Which of the lines in the data below contain the string "ezdxf"? Copy each of them.

━━━ DATASET

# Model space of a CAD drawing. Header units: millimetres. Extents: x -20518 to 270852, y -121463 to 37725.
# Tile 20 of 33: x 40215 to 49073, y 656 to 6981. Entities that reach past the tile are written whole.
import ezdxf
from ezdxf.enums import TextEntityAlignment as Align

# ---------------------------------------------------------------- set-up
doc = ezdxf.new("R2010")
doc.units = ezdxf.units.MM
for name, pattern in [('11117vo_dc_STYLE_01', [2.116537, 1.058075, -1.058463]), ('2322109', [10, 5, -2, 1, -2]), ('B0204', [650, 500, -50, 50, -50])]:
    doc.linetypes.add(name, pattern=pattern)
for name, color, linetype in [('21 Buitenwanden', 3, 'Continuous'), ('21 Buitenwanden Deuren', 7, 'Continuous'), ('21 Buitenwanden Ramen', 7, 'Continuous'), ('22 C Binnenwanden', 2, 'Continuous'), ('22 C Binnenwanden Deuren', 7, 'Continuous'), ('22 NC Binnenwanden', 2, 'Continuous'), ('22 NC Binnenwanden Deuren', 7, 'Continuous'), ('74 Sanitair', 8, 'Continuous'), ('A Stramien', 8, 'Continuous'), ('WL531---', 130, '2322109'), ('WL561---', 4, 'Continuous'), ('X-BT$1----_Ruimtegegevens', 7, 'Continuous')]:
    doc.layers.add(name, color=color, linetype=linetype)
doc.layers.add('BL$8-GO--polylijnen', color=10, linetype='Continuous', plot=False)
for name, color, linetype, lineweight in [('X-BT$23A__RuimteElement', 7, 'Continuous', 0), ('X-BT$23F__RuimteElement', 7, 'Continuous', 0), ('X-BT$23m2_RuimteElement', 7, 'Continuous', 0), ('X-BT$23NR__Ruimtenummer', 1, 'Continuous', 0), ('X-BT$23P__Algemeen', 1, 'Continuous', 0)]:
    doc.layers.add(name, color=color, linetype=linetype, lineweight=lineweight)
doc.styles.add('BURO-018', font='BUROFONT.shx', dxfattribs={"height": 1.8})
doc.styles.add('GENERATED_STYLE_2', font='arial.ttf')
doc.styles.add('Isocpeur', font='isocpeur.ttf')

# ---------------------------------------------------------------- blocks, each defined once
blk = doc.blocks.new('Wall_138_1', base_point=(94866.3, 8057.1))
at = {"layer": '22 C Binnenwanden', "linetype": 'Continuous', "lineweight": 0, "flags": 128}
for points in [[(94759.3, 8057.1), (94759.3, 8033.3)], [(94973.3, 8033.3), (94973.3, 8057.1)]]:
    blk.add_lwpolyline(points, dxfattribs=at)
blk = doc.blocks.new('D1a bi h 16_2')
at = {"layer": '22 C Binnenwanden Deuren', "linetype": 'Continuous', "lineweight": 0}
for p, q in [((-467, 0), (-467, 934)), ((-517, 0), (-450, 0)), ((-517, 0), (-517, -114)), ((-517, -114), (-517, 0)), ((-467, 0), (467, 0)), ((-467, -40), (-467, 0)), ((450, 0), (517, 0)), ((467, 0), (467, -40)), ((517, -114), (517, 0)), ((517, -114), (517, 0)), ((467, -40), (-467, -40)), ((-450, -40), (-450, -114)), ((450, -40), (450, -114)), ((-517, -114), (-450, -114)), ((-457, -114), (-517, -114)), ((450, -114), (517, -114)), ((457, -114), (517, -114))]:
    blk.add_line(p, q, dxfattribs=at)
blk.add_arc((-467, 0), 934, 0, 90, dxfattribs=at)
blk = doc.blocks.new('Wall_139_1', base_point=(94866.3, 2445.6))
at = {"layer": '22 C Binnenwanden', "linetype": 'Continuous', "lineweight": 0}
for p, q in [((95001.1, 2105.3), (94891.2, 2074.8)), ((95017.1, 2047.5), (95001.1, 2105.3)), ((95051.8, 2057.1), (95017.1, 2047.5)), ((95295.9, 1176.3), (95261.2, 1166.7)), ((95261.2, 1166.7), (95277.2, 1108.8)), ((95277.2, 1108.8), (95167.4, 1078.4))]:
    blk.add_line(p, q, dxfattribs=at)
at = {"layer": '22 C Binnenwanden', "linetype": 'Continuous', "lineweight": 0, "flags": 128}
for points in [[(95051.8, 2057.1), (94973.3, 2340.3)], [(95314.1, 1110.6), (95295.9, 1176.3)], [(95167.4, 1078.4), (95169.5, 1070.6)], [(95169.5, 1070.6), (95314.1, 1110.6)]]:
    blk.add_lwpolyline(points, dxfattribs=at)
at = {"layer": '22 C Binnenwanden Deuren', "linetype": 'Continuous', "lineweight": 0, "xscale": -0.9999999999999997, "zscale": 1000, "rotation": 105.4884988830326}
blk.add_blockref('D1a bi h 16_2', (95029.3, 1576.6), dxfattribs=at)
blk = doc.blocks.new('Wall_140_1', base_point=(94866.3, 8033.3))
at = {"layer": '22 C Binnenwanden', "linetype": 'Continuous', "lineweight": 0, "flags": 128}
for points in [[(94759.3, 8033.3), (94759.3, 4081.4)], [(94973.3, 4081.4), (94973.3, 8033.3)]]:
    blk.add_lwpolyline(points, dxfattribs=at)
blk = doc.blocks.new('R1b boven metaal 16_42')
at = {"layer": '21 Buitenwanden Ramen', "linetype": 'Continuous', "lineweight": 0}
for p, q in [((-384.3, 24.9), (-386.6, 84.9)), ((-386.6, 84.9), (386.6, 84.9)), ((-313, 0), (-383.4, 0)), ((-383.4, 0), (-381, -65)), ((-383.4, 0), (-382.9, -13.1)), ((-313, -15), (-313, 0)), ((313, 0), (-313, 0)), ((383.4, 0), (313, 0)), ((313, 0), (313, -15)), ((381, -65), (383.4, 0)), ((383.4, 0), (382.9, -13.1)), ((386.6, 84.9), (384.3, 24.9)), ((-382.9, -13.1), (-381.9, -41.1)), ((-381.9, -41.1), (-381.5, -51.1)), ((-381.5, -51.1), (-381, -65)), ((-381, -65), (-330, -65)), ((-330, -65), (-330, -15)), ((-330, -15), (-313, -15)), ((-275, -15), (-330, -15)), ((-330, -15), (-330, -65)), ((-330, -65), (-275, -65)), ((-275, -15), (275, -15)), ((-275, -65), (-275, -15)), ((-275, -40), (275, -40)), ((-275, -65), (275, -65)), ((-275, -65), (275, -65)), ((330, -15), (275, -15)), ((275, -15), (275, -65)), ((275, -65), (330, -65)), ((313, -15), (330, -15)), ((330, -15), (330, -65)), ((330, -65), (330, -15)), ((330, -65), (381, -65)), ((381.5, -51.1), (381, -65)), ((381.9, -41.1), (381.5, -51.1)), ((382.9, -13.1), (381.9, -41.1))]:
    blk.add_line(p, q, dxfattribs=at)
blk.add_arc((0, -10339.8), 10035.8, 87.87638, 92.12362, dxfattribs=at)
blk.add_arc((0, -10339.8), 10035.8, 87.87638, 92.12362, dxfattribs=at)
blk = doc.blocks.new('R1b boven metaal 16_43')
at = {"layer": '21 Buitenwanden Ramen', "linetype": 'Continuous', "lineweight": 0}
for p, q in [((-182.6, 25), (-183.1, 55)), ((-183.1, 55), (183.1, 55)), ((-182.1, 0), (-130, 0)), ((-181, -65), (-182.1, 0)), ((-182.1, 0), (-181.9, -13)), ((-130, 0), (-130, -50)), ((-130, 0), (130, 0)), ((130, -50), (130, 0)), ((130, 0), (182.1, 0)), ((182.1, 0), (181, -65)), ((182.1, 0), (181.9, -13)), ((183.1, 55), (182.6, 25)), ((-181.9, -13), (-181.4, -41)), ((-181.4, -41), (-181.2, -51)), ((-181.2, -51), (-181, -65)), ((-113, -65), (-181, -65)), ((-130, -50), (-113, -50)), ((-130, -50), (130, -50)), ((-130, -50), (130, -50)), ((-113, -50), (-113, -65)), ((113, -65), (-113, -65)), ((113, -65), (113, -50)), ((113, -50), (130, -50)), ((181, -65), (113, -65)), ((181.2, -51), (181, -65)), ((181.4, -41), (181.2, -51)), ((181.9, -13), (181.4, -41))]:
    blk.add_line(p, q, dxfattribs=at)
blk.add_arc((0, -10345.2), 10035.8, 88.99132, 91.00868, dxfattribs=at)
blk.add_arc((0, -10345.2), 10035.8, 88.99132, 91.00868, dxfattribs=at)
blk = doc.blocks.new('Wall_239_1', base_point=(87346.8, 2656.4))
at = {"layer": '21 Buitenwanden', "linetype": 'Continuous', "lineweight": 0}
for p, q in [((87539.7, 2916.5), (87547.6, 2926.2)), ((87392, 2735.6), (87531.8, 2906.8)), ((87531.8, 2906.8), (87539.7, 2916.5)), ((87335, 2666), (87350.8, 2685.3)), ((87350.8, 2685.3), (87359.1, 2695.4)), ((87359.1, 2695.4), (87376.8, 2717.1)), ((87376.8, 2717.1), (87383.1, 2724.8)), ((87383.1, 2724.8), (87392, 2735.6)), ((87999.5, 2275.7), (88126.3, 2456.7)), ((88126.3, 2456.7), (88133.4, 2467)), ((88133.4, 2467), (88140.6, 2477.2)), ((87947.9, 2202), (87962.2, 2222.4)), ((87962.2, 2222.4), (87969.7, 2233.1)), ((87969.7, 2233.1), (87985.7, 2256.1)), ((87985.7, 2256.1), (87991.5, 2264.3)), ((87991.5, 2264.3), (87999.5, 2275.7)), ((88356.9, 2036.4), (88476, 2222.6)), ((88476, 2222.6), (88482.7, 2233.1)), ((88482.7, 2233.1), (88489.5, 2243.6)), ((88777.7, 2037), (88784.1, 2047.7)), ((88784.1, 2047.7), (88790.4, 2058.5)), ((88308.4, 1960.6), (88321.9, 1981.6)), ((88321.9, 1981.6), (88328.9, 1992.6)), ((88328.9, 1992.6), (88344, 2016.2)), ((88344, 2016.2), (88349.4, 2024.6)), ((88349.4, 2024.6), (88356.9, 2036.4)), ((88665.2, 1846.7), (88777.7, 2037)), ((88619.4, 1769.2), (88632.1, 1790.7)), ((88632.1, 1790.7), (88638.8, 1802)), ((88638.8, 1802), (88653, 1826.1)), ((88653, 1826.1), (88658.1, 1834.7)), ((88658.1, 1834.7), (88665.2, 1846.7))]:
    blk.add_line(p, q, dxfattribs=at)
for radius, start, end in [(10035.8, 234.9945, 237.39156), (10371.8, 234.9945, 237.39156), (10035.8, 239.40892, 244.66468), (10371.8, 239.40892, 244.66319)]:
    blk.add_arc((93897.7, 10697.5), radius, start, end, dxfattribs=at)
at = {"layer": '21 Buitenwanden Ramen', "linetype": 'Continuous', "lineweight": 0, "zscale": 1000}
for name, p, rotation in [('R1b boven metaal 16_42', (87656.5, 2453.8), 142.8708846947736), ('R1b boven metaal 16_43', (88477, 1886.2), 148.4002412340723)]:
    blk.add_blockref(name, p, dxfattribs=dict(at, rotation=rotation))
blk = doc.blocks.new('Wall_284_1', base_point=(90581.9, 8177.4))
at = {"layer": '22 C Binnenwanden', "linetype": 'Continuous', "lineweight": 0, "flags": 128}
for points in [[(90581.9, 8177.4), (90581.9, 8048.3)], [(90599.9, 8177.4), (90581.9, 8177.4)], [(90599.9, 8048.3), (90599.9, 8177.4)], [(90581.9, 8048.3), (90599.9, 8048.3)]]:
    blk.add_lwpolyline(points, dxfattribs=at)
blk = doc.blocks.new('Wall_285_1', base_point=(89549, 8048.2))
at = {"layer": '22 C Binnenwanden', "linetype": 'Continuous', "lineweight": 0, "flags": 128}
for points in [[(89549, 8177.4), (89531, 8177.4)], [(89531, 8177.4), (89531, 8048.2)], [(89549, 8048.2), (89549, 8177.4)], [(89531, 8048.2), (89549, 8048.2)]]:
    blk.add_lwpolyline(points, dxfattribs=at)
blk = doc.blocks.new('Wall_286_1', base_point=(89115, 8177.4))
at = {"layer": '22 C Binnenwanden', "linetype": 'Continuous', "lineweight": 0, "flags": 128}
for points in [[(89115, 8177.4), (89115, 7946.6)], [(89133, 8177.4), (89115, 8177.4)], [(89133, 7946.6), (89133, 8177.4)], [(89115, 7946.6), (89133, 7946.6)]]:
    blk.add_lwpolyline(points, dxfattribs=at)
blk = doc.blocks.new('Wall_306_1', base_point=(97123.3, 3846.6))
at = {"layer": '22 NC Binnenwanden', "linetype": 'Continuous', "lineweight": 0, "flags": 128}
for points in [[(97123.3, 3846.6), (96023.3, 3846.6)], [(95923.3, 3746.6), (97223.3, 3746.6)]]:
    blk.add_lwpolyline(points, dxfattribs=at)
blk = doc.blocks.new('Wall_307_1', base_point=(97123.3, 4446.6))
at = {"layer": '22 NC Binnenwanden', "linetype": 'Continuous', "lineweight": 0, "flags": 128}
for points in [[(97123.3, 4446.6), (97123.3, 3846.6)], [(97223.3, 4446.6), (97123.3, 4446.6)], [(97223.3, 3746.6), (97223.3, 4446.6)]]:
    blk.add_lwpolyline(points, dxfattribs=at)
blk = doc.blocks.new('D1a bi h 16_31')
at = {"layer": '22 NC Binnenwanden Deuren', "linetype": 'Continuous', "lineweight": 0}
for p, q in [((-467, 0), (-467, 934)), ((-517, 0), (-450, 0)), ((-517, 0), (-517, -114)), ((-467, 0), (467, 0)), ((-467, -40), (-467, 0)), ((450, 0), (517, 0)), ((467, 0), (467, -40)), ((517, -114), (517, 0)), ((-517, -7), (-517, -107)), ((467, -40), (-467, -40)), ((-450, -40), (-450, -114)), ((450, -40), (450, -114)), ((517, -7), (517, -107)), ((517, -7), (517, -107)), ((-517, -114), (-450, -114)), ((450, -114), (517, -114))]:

━━━━━━

RESPONSE AREA:
import ezdxf
from ezdxf.enums import TextEntityAlignment as Align
doc = ezdxf.new("R2010")
doc.units = ezdxf.units.MM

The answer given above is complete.